TASK DIRECTIONS
The first line of the entries is where the copy starts and the line with "Volume: 8695584 mm3;" is where it ends; set down each line exactly, both ends included, and drop pictures.

[Saved data entries]
= = =

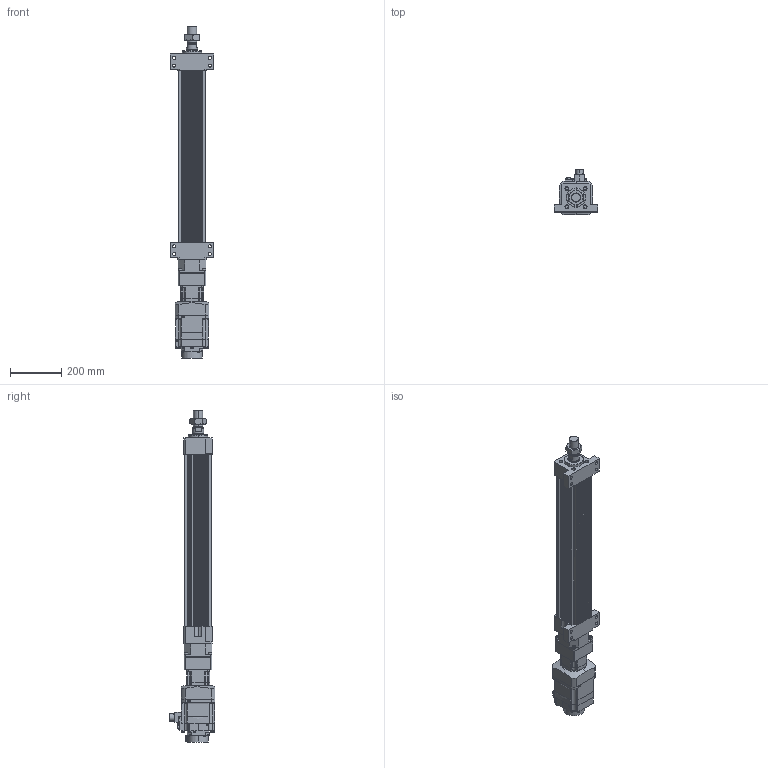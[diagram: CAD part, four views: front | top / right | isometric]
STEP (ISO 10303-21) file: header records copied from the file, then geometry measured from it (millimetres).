
FILE_DESCRIPTION (( 'STEP AP203' ), '1' );
FILE_NAME ('HES110NS(HS)-S500-W010G00-M-FFB.STEP', '2026-06-10T06:00:28', ( 'tms' ), ( '' ), 'SwSTEP 2.0', 'SolidWorks 2013', '' );
FILE_SCHEMA (( 'CONFIG_CONTROL_DESIGN' ));
Length unit declared in the file: millimetre
Products named in the file (8): AB0902; AB0901; HG-SR102B; HES110-M-ROD-500; HES110-FFB-500; M36X1.5P; HES110-S-G90; HES110NS(HS)-S500-W010G00-M-FFB
Assembly tree (7 placements, depth 2):
  HES110NS(HS)-S500-W010G00-M-FFB
    HES110-FFB-500
    HES110-M-ROD-500
    M36X1.5P
    HES110-S-G90
    AB0901
    AB0902
    HG-SR102B
Bounding box: 170 x 177.49 x 1293 mm (x, y, z)
Volume: 8695584 mm3; surface area: 1154940.1 mm2
Topology: 5 solids, 12 shells, 1194 faces, 3036 edges, 1981 vertices
Faces by surface type: plane 560, cylinder 552, cone 68, bspline 10, torus 4
Entity records: 38266 total; most frequent: CARTESIAN_POINT 7539, DIRECTION 6557, ORIENTED_EDGE 6044, EDGE_CURVE 3032, AXIS2_PLACEMENT_3D 2423, VERTEX_POINT 1981, LINE 1711, VECTOR 1711
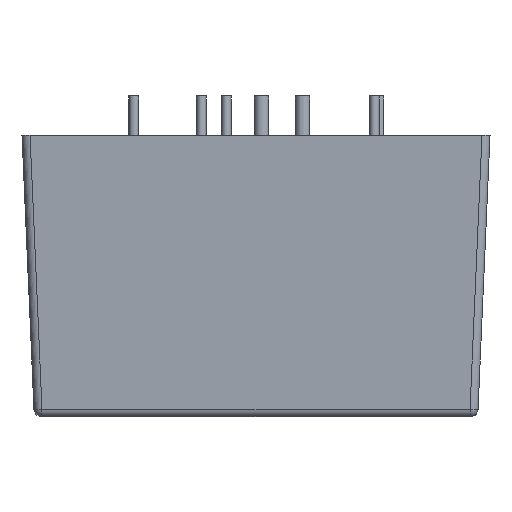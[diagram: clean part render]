
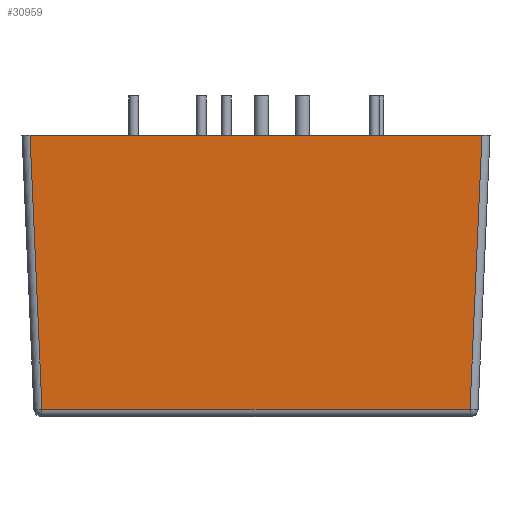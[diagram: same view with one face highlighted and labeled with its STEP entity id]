
A CAD part, left-side view. The second image highlights one B-rep face of the part: STEP entity #30959.
In plain terms, the highlighted planar face has unit normal (-0.999, 0, -0.044) as drawn and (-0.999, 0, 0.044) by its records, which use the part's own axes.
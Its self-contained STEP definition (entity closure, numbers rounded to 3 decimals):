
#4560=PLANE($,#32179);
#5550=FACE_OUTER_BOUND($,#6728,.T.);
#6728=EDGE_LOOP($,(#24985,#24986,#24987,#24988));
#8165=LINE($,#43061,#13705);
#8170=LINE($,#43082,#13710);
#8172=LINE($,#43088,#13712);
#8179=LINE($,#43105,#13719);
#13705=VECTOR($,#33831,34.108);
#13710=VECTOR($,#33856,53.229);
#13712=VECTOR($,#33862,34.108);
#13719=VECTOR($,#33881,56.202);
#19500=VERTEX_POINT($,#43049);
#19503=VERTEX_POINT($,#43059);
#19508=VERTEX_POINT($,#43072);
#19510=VERTEX_POINT($,#43084);
#21662=EDGE_CURVE($,#19503,#19500,#8165,.T.);
#21673=EDGE_CURVE($,#19500,#19508,#8170,.T.);
#21676=EDGE_CURVE($,#19508,#19510,#8172,.T.);
#21685=EDGE_CURVE($,#19503,#19510,#8179,.T.);
#24985=ORIENTED_EDGE($,*,*,#21676,.F.);
#24986=ORIENTED_EDGE($,*,*,#21673,.F.);
#24987=ORIENTED_EDGE($,*,*,#21662,.F.);
#24988=ORIENTED_EDGE($,*,*,#21685,.T.);
#30959=ADVANCED_FACE($,(#5550),#4560,.T.);
#32179=AXIS2_PLACEMENT_3D($,#43104,#33879,#33880);
#33831=DIRECTION($,(0.044,-0.044,0.998));
#33856=DIRECTION($,(0.,-1.,0.));
#33862=DIRECTION($,(-0.044,-0.044,-0.998));
#33879=DIRECTION('center_axis',(-0.999,0.,
0.044));
#33880=DIRECTION('ref_axis',(0.,1.,0.));
#33881=DIRECTION($,(0.,-1.,0.));
#43049=CARTESIAN_POINT('',(-0.042,54.187,-0.956));
#43059=CARTESIAN_POINT('',(-1.528,55.673,-35.));
#43061=CARTESIAN_POINT($,(0.074,54.07,1.706));
#43072=CARTESIAN_POINT('',(-0.042,0.957,-0.956));
#43082=CARTESIAN_POINT($,(-0.042,41.358,-0.956));
#43084=CARTESIAN_POINT('',(-1.528,-0.529,-35.));
#43088=CARTESIAN_POINT($,(0.05,1.05,1.156));
#43104=CARTESIAN_POINT('Origin',(0.,55.144,0.));
#43105=CARTESIAN_POINT($,(-1.528,55.144,-35.));

= = =

SOLUTION
[diagram: CAD part, four views: front | top / right | isometric]
STEP (ISO 10303-21) file: header records copied from the file, then geometry measured from it (millimetres).
FILE_DESCRIPTION (( 'STEP AP203' ), '1' );
FILE_NAME ('HES110NS(HS)-S500-W010G00-M-FFB.STEP', '2026-06-10T06:00:28', ( 'tms' ), ( '' ), 'SwSTEP 2.0', 'SolidWorks 2013', '' );
FILE_SCHEMA (( 'CONFIG_CONTROL_DESIGN' ));
Length unit declared in the file: millimetre
Products named in the file (8): AB0902; AB0901; HG-SR102B; HES110-M-ROD-500; HES110-FFB-500; M36X1.5P; HES110-S-G90; HES110NS(HS)-S500-W010G00-M-FFB
Assembly tree (7 placements, depth 2):
  HES110NS(HS)-S500-W010G00-M-FFB
    HES110-FFB-500
    HES110-M-ROD-500
    M36X1.5P
    HES110-S-G90
    AB0901
    AB0902
    HG-SR102B
Bounding box: 170 x 177.49 x 1293 mm (x, y, z)
Volume: 8695584 mm3; surface area: 1154940.1 mm2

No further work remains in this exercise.